Estamos na década de 1980 e há um novo horror nas ruas da Grã-Bretanha: a heroína. “A perseguição será implacável”, vemos Margaret Thatcher alertar os traficantes de drogas pela televisão, “até que derrotemos vocês”. Para atingir esse objectivo, são conferidos novos poderes a uma equipa de funcionários da alfândega liderada por Coogan’s Don, um homem que se envolveu profundamente nas operações de contrabando e distribuição da indústria de narcóticos. Ele monta uma equipe de crack (de voluntários mal pagos), incluindo Kate (Hayley Squires), Bailey (Aml Ameen), Erin (Jasmine Blackborow) e, particularmente, Man (Tom Burke), que deve se disfarçar, apesar das preocupações de sua esposa Sophie (Charlotte Ritchie). “A Sra. Thatcher precisa de uma crise que possa resolver e aqui está ela”, informa Don o secretário do Inside de Alex Jennings. Mas invadir estas operações coesas – quer sejam os turcos em Londres ou os brutais chefões de Scouse – não é uma tarefa simples.

Lendas é, em muitos aspectos, um irmão tonal da série anterior do escritor Neil Forsyth, O ouro. Esse programa seguiu um emaranhado de personagens díspares – tanto policiais quanto ladrões – ligados ao saque do assalto à Brink’s-Mat em 1983. Também aqui, Forsyth utiliza uma ampla gama de personagens em ambos os lados do corredor da legalidade. Alguns são profissionais competentes, alguns são idiotas e alguns são mortalmente violentos.

Como O ouro, Lendas também se passa em um cenário levemente histórico: a Grã-Bretanha de Thatcher representada em agasalhos Fila, aviadores de aro metálico e Ford Granadas. Contra essa tela, a Netflix combinou a fórmula de Forsyth com os réprobos fora da rede do programa de detetive de sucesso do streamer, Departamento Q. A configuração carece do carisma desorganizado daquele programa, mas consegue reviravoltas, alianças e traições suficientes para manter os espectadores em dúvida.

Como uma assembléia de atores de TV britânicos Lendas faz um bom trabalho. Tanto Squires quanto Douglas Hodge (que faz a ligação entre a equipe da alfândega e Whitehall) são transferidos de O Gerente Noturnoque teve um ritmo igualmente frenético. Enquanto isso, Burke e Coogan apresentam performances confiáveis ​​e contidas. Mais liberdade é dada a Tom Hughes como Carter, o glamoroso chefe do nascente comércio de drogas de Liverpool, que canaliza Tommy Shelby para um papel que evita a sutileza.

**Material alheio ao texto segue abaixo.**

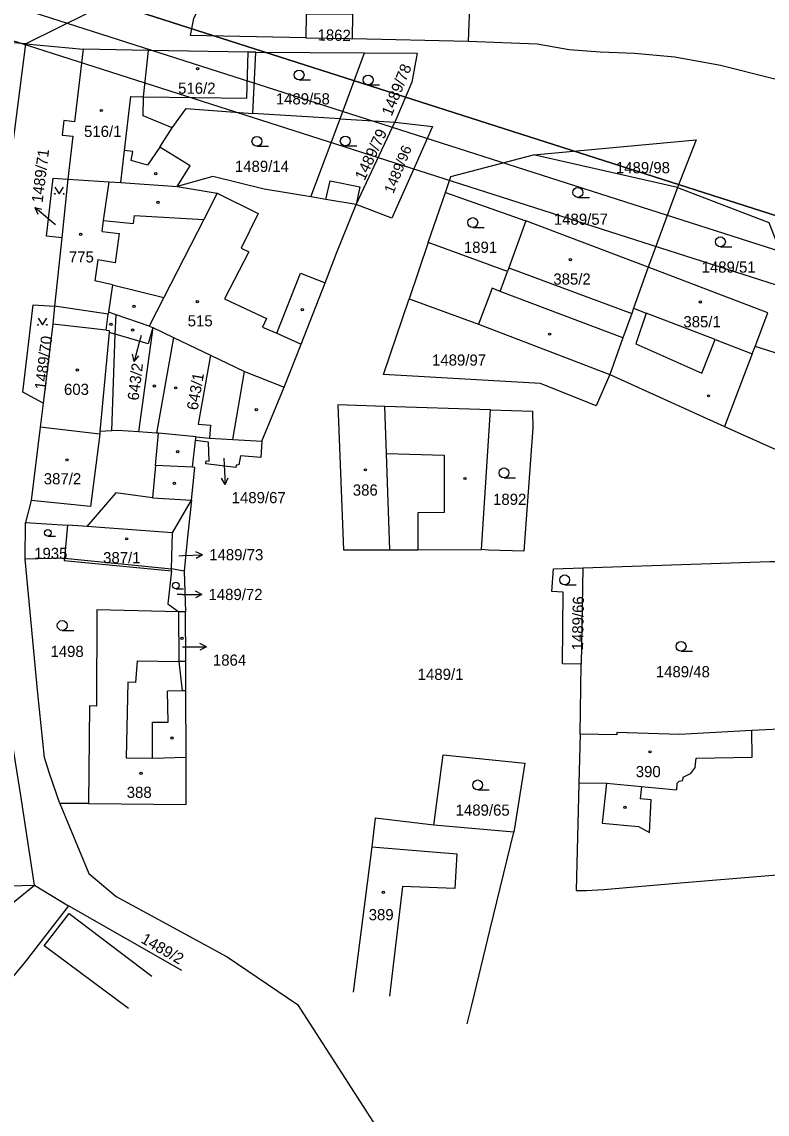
# Model space of a CAD drawing. Extents: x -779330 to -774454, y -1144748 to -1142831.
# Drawn here: x -777487.4 to -777374.1, y -1144015.8 to -1143849.7 of the extents above; entities that cross this region are included whole.
import ezdxf

# ---------------------------------------------------------------- set-up
doc = ezdxf.new("R2010")
doc.units = 0
for name, color, linetype in [('Hranice parcel', 7, 'Continuous'), ('Parcelní čísla', 7, 'Continuous'), ('Pop  PČ popisy', 7, 'Continuous'), ('Vnitřní kresba', 7, 'Continuous'), ('Vrstva 1', 7, 'Continuous'), ('Značky budov', 7, 'Continuous'), ('Značky kultur', 7, 'Continuous')]:
    doc.layers.add(name, color=color, linetype=linetype)

msp = doc.modelspace()

# ---------------------------------------------------------------- linework, layer by layer
at = {"layer": 'Hranice parcel'}
for p, q in [((-777418.55, -1143826.88), (-777419.52, -1143852.7)), ((-777449.55, -1143834.59), (-777486.78, -1143853.07)), ((-777486.78, -1143853.07), (-777496.53, -1143852.24)), ((-777419.52, -1143852.7), (-777437.09, -1143852.27)), ((-777489.3, -1143872.89), (-777486.78, -1143853.07)), ((-777486.78, -1143853.07), (-777478.06, -1143853.89)), ((-777468.1, -1143854.06), (-777478.06, -1143853.89)), ((-777452.27, -1143863.63), (-777451.81, -1143854.32)), ((-777451.81, -1143854.32), (-777435.27, -1143854.43)), ((-777439.01, -1143864.45), (-777435.27, -1143854.43)), ((-777439.01, -1143864.45), (-777452.27, -1143863.63)), ((-777443.44, -1143876.33), (-777439.01, -1143864.45)), ((-777439.01, -1143864.45), (-777430.65, -1143864.96)), ((-777436.54, -1143877.5), (-777430.65, -1143864.96)), ((-777430.65, -1143864.96), (-777424.95, -1143865.64)), ((-777387.71, -1143874.9), (-777409.57, -1143869.91)), ((-777480.4, -1143873.62), (-777481.32, -1143882.55)), ((-777480.4, -1143873.62), (-777474.11, -1143874.04)), ((-777387.71, -1143874.9), (-777392.16, -1143887)), ((-777425.6, -1143883.24), (-777422.97, -1143875.68)), ((-777422.97, -1143875.68), (-777410.76, -1143879.95)), ((-777431.12, -1143879.55), (-777436.54, -1143877.5)), ((-777392.16, -1143887), (-777410.76, -1143879.95)), ((-777481.32, -1143882.55), (-777482.42, -1143892.94)), ((-777425.6, -1143883.24), (-777428.52, -1143891.82)), ((-777432.39, -1143903.31), (-777428.52, -1143891.82)), ((-777473.06, -1143894.25), (-777474.19, -1143893.86)), ((-777468.03, -1143895.99), (-777473.06, -1143894.25)), ((-777464.32, -1143897.7), (-777466.91, -1143912.26)), ((-777397.97, -1143903.33), (-777400.06, -1143908.12)), ((-777450.9, -1143913.45), (-777447.5, -1143905.28)), ((-777484.13, -1143907.67), (-777484.58, -1143911.35)), ((-777417.51, -1143929.96), (-777416.15, -1143908.69)), ((-777461.42, -1143917.43), (-777460.96, -1143913.39)), ((-777460.96, -1143913.39), (-777460.89, -1143912.79)), ((-777464.49, -1143927.39), (-777461.56, -1143922.46)), ((-777486.85, -1143931.42), (-777486.83, -1143925.84)), ((-777486.83, -1143925.84), (-777480.42, -1143926.26)), ((-777480.42, -1143926.26), (-777480.9, -1143931.26)), ((-777464.62, -1143932.88), (-777464.49, -1143927.39)), ((-777480.9, -1143931.26), (-777486.85, -1143931.42)), ((-777464.65, -1143933.18), (-777464.62, -1143932.88)), ((-777462.69, -1143933.25), (-777464.62, -1143932.88)), ((-777462.69, -1143933.25), (-777462.49, -1143939.42)), ((-777402.11, -1143932.75), (-777402.33, -1143947.36)), ((-777462.49, -1143939.42), (-777463.49, -1143939.4)), ((-777402.5, -1143958.01), (-777402.33, -1143947.36)), ((-777462.43, -1143951.45), (-777462.93, -1143951.45)), ((-777477.24, -1143968.59), (-777481.58, -1143968.55)), ((-777412.57, -1143972.94), (-777424.73, -1143971.85)), ((-777497.98, -1143981.37), (-777485.45, -1143980.98)), ((-777485.45, -1143980.98), (-777480.26, -1143984.1)), ((-777463.05, -1143993.95), (-777480.26, -1143984.1))]:
    msp.add_line(p, q, dxfattribs=at)
for points in [[(-777444.18, -1143852.13), (-777461.74, -1143851.77), (-777461.25, -1143849.21), (-777460.37, -1143847.4), (-777458.98, -1143845.51), (-777456.06, -1143841.9), (-777449.55, -1143834.59)], [(-777437.09, -1143852.27), (-777437.07, -1143848.56), (-777444.17, -1143848.54), (-777444.18, -1143852.13)], [(-777444.18, -1143852.13), (-777437.61, -1143852.26), (-777437.09, -1143852.27)], [(-777478.06, -1143853.89), (-777479.37, -1143864.92), (-777480.99, -1143864.73), (-777481.26, -1143866.92), (-777479.63, -1143867.11), (-777480.4, -1143873.62)], [(-777327.16, -1143876.09), (-777335.43, -1143873.14), (-777361.49, -1143861.7), (-777365.24, -1143860.37), (-777381.18, -1143856.34), (-777388.13, -1143855.07), (-777394.23, -1143854.52), (-777399.48, -1143854.32), (-777404.16, -1143853.96), (-777409.04, -1143853.1), (-777419.52, -1143852.7)], [(-777464.54, -1143865.84), (-777468.91, -1143864), (-777468.86, -1143861.1), (-777468.1, -1143854.06)], [(-777451.81, -1143854.32), (-777452.98, -1143854.31), (-777468.1, -1143854.06)], [(-777435.27, -1143854.43), (-777427.29, -1143854.49), (-777428.1, -1143858.9), (-777430.65, -1143864.96)], [(-777464.54, -1143865.84), (-777462.38, -1143862.89), (-777452.27, -1143863.63)], [(-777463.76, -1143874.74), (-777461.79, -1143871.61), (-777466.4, -1143868.75), (-777464.54, -1143865.84)], [(-777424.95, -1143865.64), (-777427.63, -1143871.69), (-777431.12, -1143879.55)], [(-777409.57, -1143869.91), (-777384.85, -1143867.66), (-777387.71, -1143874.9)], [(-777422.97, -1143875.68), (-777422.14, -1143873.24), (-777409.57, -1143869.91)], [(-777481.32, -1143882.55), (-777483.64, -1143882.28), (-777482.59, -1143873.48), (-777480.4, -1143873.62)], [(-777443.44, -1143876.33), (-777450.52, -1143875.13), (-777458.32, -1143873.25), (-777463.76, -1143874.74)], [(-777474.11, -1143874.04), (-777472.34, -1143874.16), (-777463.76, -1143874.74)], [(-777463.76, -1143874.74), (-777457.68, -1143875.75), (-777459.73, -1143879.75), (-777465.81, -1143891.65), (-777468.03, -1143895.99)], [(-777387.71, -1143874.9), (-777373.82, -1143880.22), (-777368.59, -1143893.6), (-777368.48, -1143895.35), (-777368.62, -1143898.23), (-777369.33, -1143901.14)], [(-777436.54, -1143877.5), (-777441.17, -1143876.72), (-777443.44, -1143876.33)], [(-777447.5, -1143905.28), (-777444.89, -1143898.71), (-777441.28, -1143889.42), (-777439.52, -1143884.86), (-777436.54, -1143877.5)], [(-777410.76, -1143879.95), (-777413.35, -1143887.12), (-777413.56, -1143887.69), (-777425.6, -1143883.24)], [(-777392.16, -1143887), (-777394.39, -1143893.25), (-777394.67, -1143894.05), (-777395.99, -1143897.77), (-777397.97, -1143903.33)], [(-777369.33, -1143901.14), (-777375.91, -1143899.08), (-777373.97, -1143893.98), (-777392.16, -1143887)], [(-777428.52, -1143891.82), (-777417.94, -1143895.67), (-777397.97, -1143903.33)], [(-777484.13, -1143907.67), (-777487.22, -1143906.02), (-777485.63, -1143892.74), (-777482.42, -1143892.94)], [(-777482.42, -1143892.94), (-777482.69, -1143895.68), (-777484.13, -1143907.67)], [(-777474.19, -1143893.86), (-777474.23, -1143894.15), (-777482.42, -1143892.94)], [(-777473.7, -1143911.9), (-777473.17, -1143897.22), (-777473.06, -1143894.25)], [(-777468.03, -1143895.99), (-777467.45, -1143896.19), (-777464.32, -1143897.7)], [(-777464.32, -1143897.7), (-777458.69, -1143900.41), (-777453.51, -1143902.88), (-777447.5, -1143905.28)], [(-777397.97, -1143903.33), (-777380.56, -1143911.25), (-777372.76, -1143914.75), (-777369.33, -1143901.14)], [(-777400.06, -1143908.12), (-777408.55, -1143904.69), (-777432.39, -1143903.31)], [(-777416.15, -1143908.69), (-777432.2, -1143908.19), (-777439.33, -1143907.97), (-777438.5, -1143930.01), (-777431.41, -1143930), (-777427.19, -1143929.98), (-777417.51, -1143929.96)], [(-777416.15, -1143908.69), (-777409.77, -1143908.89), (-777409.7, -1143911.46), (-777411.07, -1143930.18), (-777416.41, -1143930.04), (-777417.51, -1143929.96)], [(-777484.58, -1143911.35), (-777485.95, -1143922.48), (-777486.83, -1143925.84)], [(-777473.7, -1143911.9), (-777475.5, -1143911.99), (-777475.53, -1143912.39), (-777484.58, -1143911.35)], [(-777466.91, -1143912.26), (-777469.63, -1143912.07), (-777472.78, -1143911.85), (-777473.7, -1143911.9)], [(-777460.89, -1143912.79), (-777466.62, -1143912.28), (-777466.91, -1143912.26)], [(-777450.9, -1143913.45), (-777451.05, -1143915.97), (-777454.15, -1143915.69), (-777454.41, -1143917.08), (-777454.78, -1143917.12), (-777454.87, -1143917.46), (-777459.42, -1143916.92), (-777459.36, -1143916.44), (-777458.92, -1143916.5), (-777458.98, -1143913.64), (-777460.96, -1143913.39)], [(-777460.89, -1143912.79), (-777458.86, -1143913.02), (-777455.28, -1143913.2), (-777450.9, -1143913.45)], [(-777461.42, -1143917.43), (-777467.05, -1143917.15), (-777467.49, -1143922.1), (-777473.07, -1143921.35), (-777477.48, -1143926.47), (-777478.08, -1143926.42), (-777480.42, -1143926.26)], [(-777461.56, -1143922.46), (-777461.07, -1143917.46), (-777461.42, -1143917.43)], [(-777461.56, -1143922.46), (-777462.24, -1143928.53), (-777462.69, -1143933.25)], [(-777481.58, -1143968.55), (-777483.22, -1143963.84), (-777483.95, -1143961.55), (-777484.96, -1143951.84), (-777486.85, -1143931.42)], [(-777480.9, -1143931.26), (-777480.96, -1143931.61), (-777464.65, -1143933.18)], [(-777402.11, -1143932.75), (-777373.6, -1143931.76), (-777372.2, -1143931.77)], [(-777464.65, -1143933.18), (-777465.2, -1143938.21), (-777463.49, -1143939.4)], [(-777402.33, -1143947.36), (-777405.2, -1143947.32), (-777405.06, -1143936.43), (-777406.8, -1143936.33), (-777406.57, -1143932.89), (-777402.11, -1143932.75)], [(-777463.49, -1143939.4), (-777476, -1143939.12), (-777476.05, -1143953.74), (-777477.1, -1143953.73), (-777477.24, -1143968.59)], [(-777462.93, -1143951.45), (-777463.45, -1143946.96), (-777463.49, -1143939.4)], [(-777462.43, -1143951.45), (-777462.45, -1143946.98), (-777462.49, -1143939.42)], [(-777477.24, -1143968.59), (-777462.41, -1143968.73), (-777462.41, -1143961.51), (-777462.43, -1143951.45)], [(-777485.45, -1143980.98), (-777487.53, -1143967.33), (-777488.73, -1143959.74), (-777489.74, -1143953.34)], [(-777402.5, -1143958.01), (-777402.7, -1143965.53), (-777403.13, -1143981.77), (-777401.59, -1143981.77), (-777398.88, -1143981.65), (-777389.09, -1143980.8), (-777372.01, -1143979.38)], [(-777372.24, -1143957.25), (-777376.4, -1143957.46), (-777387.4, -1143958.06), (-777396.94, -1143957.77), (-777396.94, -1143958.12), (-777402.5, -1143958.01)], [(-777424.73, -1143971.85), (-777423.31, -1143961.18), (-777410.93, -1143962.41), (-777412.57, -1143972.94)], [(-777481.58, -1143968.55), (-777477.17, -1143979.2), (-777473.05, -1143982.72), (-777456.14, -1143991.88), (-777445.46, -1143999.14), (-777423.92, -1144032.56), (-777417.93, -1144044.16), (-777413.32, -1144046.11), (-777406.13, -1144045.3), (-777379.07, -1144045.85)], [(-777424.73, -1143971.85), (-777433.65, -1143970.77), (-777434.18, -1143975.17), (-777436.99, -1143997.24)], [(-777419.7, -1144002.05), (-777418.99, -1143999.25), (-777416.17, -1143987.69), (-777412.57, -1143972.94)], [(-777495.24, -1143987.67), (-777494.46, -1143988.3), (-777485.45, -1143980.98)], [(-777480.26, -1143984.1), (-777486.85, -1143992.66), (-777490.53, -1143997.04), (-777494.49, -1144001.76)]]:
    msp.add_lwpolyline(points, dxfattribs=at)
at = {"layer": 'Pop  PČ popisy'}
for p, q in [((-777483.11, -1143879.85), (-777485.41, -1143877.92)), ((-777485.41, -1143877.92), (-777484.32, -1143878.18)), ((-777485.41, -1143877.92), (-777484.96, -1143878.95)), ((-777482.25, -1143880.58), (-777483.11, -1143879.85)), ((-777469.54, -1143898.45), (-777470.32, -1143901.35)), ((-777469.25, -1143897.39), (-777469.54, -1143898.45)), ((-777470.32, -1143901.35), (-777470.54, -1143900.25)), ((-777470.32, -1143901.35), (-777469.57, -1143900.51)), ((-777456.68, -1143916.08), (-777456.63, -1143917.07)), ((-777456.63, -1143917.07), (-777456.47, -1143920.07)), ((-777456.47, -1143920.07), (-777457.03, -1143919.09)), ((-777456.47, -1143920.07), (-777456.03, -1143919.04)), ((-777459.89, -1143930.76), (-777460.91, -1143930.29)), ((-777463.52, -1143930.89), (-777462.89, -1143930.86)), ((-777462.89, -1143930.86), (-777459.89, -1143930.76)), ((-777459.89, -1143930.76), (-777460.87, -1143931.29)), ((-777463, -1143936.78), (-777463.76, -1143936.78)), ((-777463, -1143936.78), (-777460, -1143936.78)), ((-777460, -1143936.78), (-777461, -1143936.28)), ((-777460, -1143936.78), (-777461, -1143937.28)), ((-777462.95, -1143944.75), (-777462.33, -1143944.76)), ((-777462.33, -1143944.76), (-777459.33, -1143944.76)), ((-777459.33, -1143944.76), (-777460.33, -1143944.26)), ((-777459.33, -1143944.76), (-777460.33, -1143945.26))]:
    msp.add_line(p, q, dxfattribs=at)
at = {"layer": 'Vnitřní kresba'}
for p, q in [((-777453.19, -1143861.34), (-777452.98, -1143854.31)), ((-777471.77, -1143869.29), (-777470.8, -1143861.07)), ((-777470.8, -1143861.07), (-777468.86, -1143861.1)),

Na verdade, há algumas notas a Lendas que se transformam em melodrama: uma tragédia pessoal conveniente que remodela a perspectiva de um traficante de drogas, uma anulação de última hora de uma inspeção alfandegária em Felixstowe ou um recital de piano escolar que demonstra o distanciamento crescente de um agente em relação à sua família. “Eu fiz o que fiz e isso me custou o que me custou”, revela Don, sobre suas próprias experiências assumindo outra personalidade. Estas são as apostas – são altas e às vezes exageradas.

Equipe de crack: Hayley Squires e Tom Burke estão entre os atores que interpretam agentes disfarçados em ‘Legends’
Equipe de crack: Hayley Squires e Tom Burke estão entre os atores que interpretam agentes disfarçados em ‘Legends’ (Netflix)

Porque parece uma reminiscência de programas semelhantes (não apenas O ouro mas também Cavalos Lentos, Esta cidade é nossa e até mesmo A gaiolaque só saiu na semana passada) Lendas parece pouco ambicioso. No entanto, ao mesmo tempo, todos os componentes são sólidos. Um bom elenco interpretando personagens verossímeis, lidando com um roteiro que apenas ocasionalmente se transforma em artifício. Também parece melhor do que a maioria dos programas da Netflix, com Forsyth e os diretores da série Brady Hood e Julian Holmes oferecendo uma paleta de cores incomumente turva. A década de 1980 é efetivamente evocada, mas nunca como uma distração de uma história que parece pertinente aos nossos dias. É tudo extremamente competente.

Na sua competência, Lendas parece que nasceu para estar na BBC One, mas de alguma forma acabou na Netflix. Ainda não se sabe como a série irá atingir o público internacional, mas falta-lhe o toque especial de Peaky Blinders ou os incansáveis ​​puxões do tapete Linha de Dever. O que resta é a marca registrada de drama de época de Forsyth: envolvente, mas não emocionante, autêntico, mas não unique, bem elaborado, mas não impressionante. Lendasé, em suma, o que grande parte da televisão britânica é: um exercício de repetição sem riscos.